▶ [Assigned task]
Restate all the entries exactly as they appear, apart from the pictures.

(Beginning of Dataset excerpts)

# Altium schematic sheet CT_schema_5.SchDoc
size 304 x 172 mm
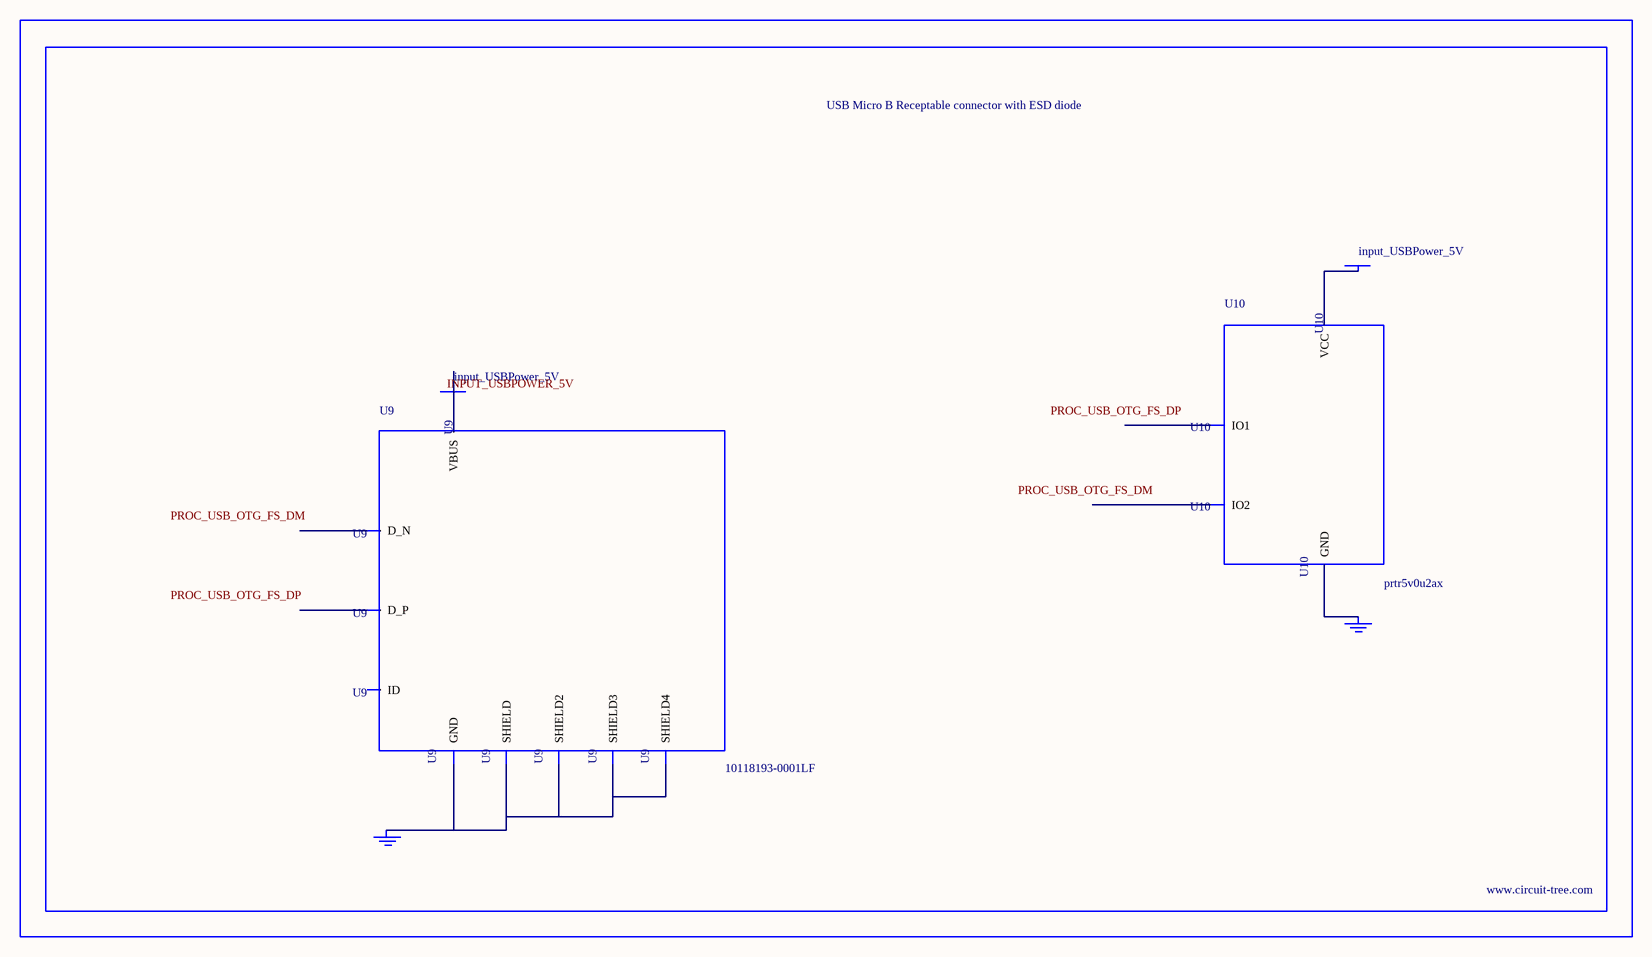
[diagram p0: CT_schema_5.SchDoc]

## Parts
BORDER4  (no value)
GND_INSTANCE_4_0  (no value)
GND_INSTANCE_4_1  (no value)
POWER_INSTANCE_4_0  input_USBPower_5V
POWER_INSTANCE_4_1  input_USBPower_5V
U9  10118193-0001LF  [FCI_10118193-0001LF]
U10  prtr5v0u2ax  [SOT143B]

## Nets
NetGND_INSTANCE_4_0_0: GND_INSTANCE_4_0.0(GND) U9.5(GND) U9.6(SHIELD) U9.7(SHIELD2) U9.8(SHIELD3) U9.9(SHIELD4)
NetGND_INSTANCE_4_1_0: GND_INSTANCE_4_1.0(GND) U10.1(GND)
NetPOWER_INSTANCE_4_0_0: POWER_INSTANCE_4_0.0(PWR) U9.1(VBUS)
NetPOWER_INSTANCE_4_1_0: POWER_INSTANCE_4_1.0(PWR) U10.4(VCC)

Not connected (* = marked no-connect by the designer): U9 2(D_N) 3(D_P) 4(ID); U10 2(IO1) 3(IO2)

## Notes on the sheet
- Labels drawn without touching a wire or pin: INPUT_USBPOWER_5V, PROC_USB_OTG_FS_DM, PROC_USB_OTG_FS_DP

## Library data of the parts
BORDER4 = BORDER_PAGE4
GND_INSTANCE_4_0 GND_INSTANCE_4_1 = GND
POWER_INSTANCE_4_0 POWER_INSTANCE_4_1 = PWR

(End of Dataset excerpts)

▶ [Exercise answer]
# Altium schematic sheet CT_schema_5.SchDoc
size 304 x 172 mm
[diagram p0: CT_schema_5.SchDoc]

## Parts
BORDER4  (no value)
GND_INSTANCE_4_0  (no value)
GND_INSTANCE_4_1  (no value)
POWER_INSTANCE_4_0  input_USBPower_5V
POWER_INSTANCE_4_1  input_USBPower_5V
U9  10118193-0001LF  [FCI_10118193-0001LF]
U10  prtr5v0u2ax  [SOT143B]

## Nets
NetGND_INSTANCE_4_0_0: GND_INSTANCE_4_0.0(GND) U9.5(GND) U9.6(SHIELD) U9.7(SHIELD2) U9.8(SHIELD3) U9.9(SHIELD4)
NetGND_INSTANCE_4_1_0: GND_INSTANCE_4_1.0(GND) U10.1(GND)
NetPOWER_INSTANCE_4_0_0: POWER_INSTANCE_4_0.0(PWR) U9.1(VBUS)
NetPOWER_INSTANCE_4_1_0: POWER_INSTANCE_4_1.0(PWR) U10.4(VCC)

Not connected (* = marked no-connect by the designer): U9 2(D_N) 3(D_P) 4(ID); U10 2(IO1) 3(IO2)

## Notes on the sheet
- Labels drawn without touching a wire or pin: INPUT_USBPOWER_5V, PROC_USB_OTG_FS_DM, PROC_USB_OTG_FS_DP

## Library data of the parts
BORDER4 = BORDER_PAGE4
GND_INSTANCE_4_0 GND_INSTANCE_4_1 = GND
POWER_INSTANCE_4_0 POWER_INSTANCE_4_1 = PWR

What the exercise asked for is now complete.